Triaxial compression creep tests were performed on salt rock samples using cyclic confining pressure with a static axial pressure. The test results show that, up to a certain time, changes in the confining pressure have little influence on creep properties of salt rock, and the axial creep curve is smooth. After this point, the axial creep curve clearly fluctuates with the confining pressure, and is approximately a straight line both when the confining pressure decreases and when it increases within one cycle period. The slope of these lines differs: it is greater when the confining pressure decreases than when it increases. In accordance with rheology model theory, axial creep equations were deduced for Maxwell and Kelvin models under cyclic loading.

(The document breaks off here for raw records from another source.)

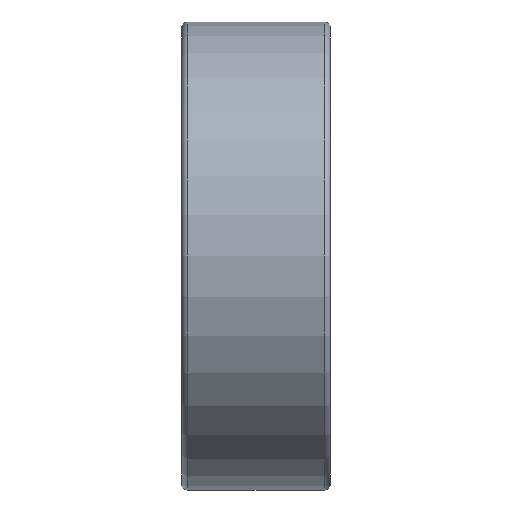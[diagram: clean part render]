
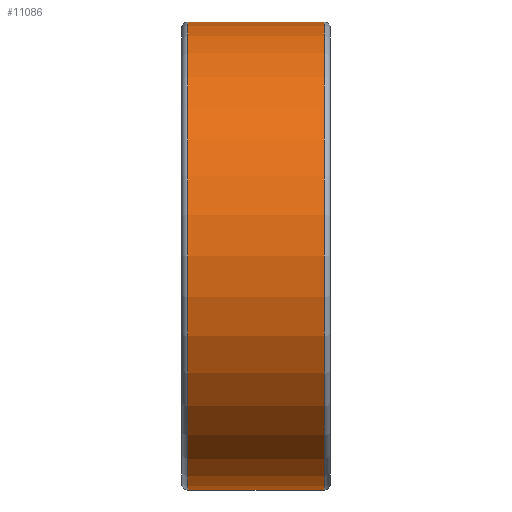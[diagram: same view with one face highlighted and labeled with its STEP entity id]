
A CAD part, front view. The second image highlights one B-rep face of the part: STEP entity #11086.
In plain terms, the highlighted cylindrical face has radius 11 mm (diameter 22 mm), a full revolution.
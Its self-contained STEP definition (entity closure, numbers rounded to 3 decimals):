
#828=LINE('',#16040,#1538);
#1538=VECTOR('',#12979,11.);
#2248=CYLINDRICAL_SURFACE('',#11761,11.);
#2339=FACE_OUTER_BOUND('',#2977,.T.);
#2977=EDGE_LOOP('',(#7381,#7382,#7383,#7384,#7385,#7386));
#3665=CIRCLE('',#11759,11.);
#3666=CIRCLE('',#11760,11.);
#3667=CIRCLE('',#11762,11.);
#3668=CIRCLE('',#11763,11.);
#4370=VERTEX_POINT('',#16033);
#4371=VERTEX_POINT('',#16035);
#4372=VERTEX_POINT('',#16039);
#4373=VERTEX_POINT('',#16041);
#5573=EDGE_CURVE('',#4370,#4371,#3665,.T.);
#5574=EDGE_CURVE('',#4371,#4370,#3666,.T.);
#5575=EDGE_CURVE('',#4371,#4372,#828,.T.);
#5576=EDGE_CURVE('',#4373,#4372,#3667,.T.);
#5577=EDGE_CURVE('',#4372,#4373,#3668,.T.);
#7381=ORIENTED_EDGE('',*,*,#5574,.F.);
#7382=ORIENTED_EDGE('',*,*,#5575,.T.);
#7383=ORIENTED_EDGE('',*,*,#5576,.F.);
#7384=ORIENTED_EDGE('',*,*,#5577,.F.);
#7385=ORIENTED_EDGE('',*,*,#5575,.F.);
#7386=ORIENTED_EDGE('',*,*,#5573,.F.);
#11086=ADVANCED_FACE('',(#2339),#2248,.T.);
#11759=AXIS2_PLACEMENT_3D('',#16036,#12973,#12974);
#11760=AXIS2_PLACEMENT_3D('',#16037,#12975,#12976);
#11761=AXIS2_PLACEMENT_3D('',#16038,#12977,#12978);
#11762=AXIS2_PLACEMENT_3D('',#16042,#12980,#12981);
#11763=AXIS2_PLACEMENT_3D('',#16043,#12982,#12983);
#12973=DIRECTION('center_axis',(1.,0.,0.));
#12974=DIRECTION('ref_axis',(0.,-1.,0.));
#12975=DIRECTION('center_axis',(1.,0.,0.));
#12976=DIRECTION('ref_axis',(0.,-1.,0.));
#12977=DIRECTION('center_axis',(1.,0.,0.));
#12978=DIRECTION('ref_axis',(0.,1.,0.));
#12979=DIRECTION('',(-1.,0.,0.));
#12980=DIRECTION('center_axis',(-1.,0.,0.));
#12981=DIRECTION('ref_axis',(0.,-1.,0.));
#12982=DIRECTION('center_axis',(-1.,0.,0.));
#12983=DIRECTION('ref_axis',(0.,-1.,0.));
#16033=CARTESIAN_POINT('',(3.2,0.,11.));
#16035=CARTESIAN_POINT('',(3.2,-11.,0.));
#16036=CARTESIAN_POINT('Origin',(3.2,0.,0.));
#16037=CARTESIAN_POINT('Origin',(3.2,0.,0.));
#16038=CARTESIAN_POINT('Origin',(0.,0.,0.));
#16039=CARTESIAN_POINT('',(-3.2,-11.,0.));
#16040=CARTESIAN_POINT('',(0.,-11.,0.));
#16041=CARTESIAN_POINT('',(-3.2,0.,11.));
#16042=CARTESIAN_POINT('Origin',(-3.2,0.,0.));
#16043=CARTESIAN_POINT('Origin',(-3.2,0.,0.));

These were combined to establish an axial creep equation for the Burgers model. We supposed that damage evolution follows an exponential law during creep process and replaced the apparent stress in creep equation for the Burgers model with the effective stress, the axial creep damage equation for the Burgers model was obtained. The model suitability was verified using creep test results for salt rock. The fitting curves are in excellent agreement with the test curves, so the proposed model can well reflect the creep behavior of salt rock under low-frequency cyclic loading. In particular, it reflects the fluctuations in creep deformation and creep rate as the confining pressure increasing and decreasing under different cycle periods.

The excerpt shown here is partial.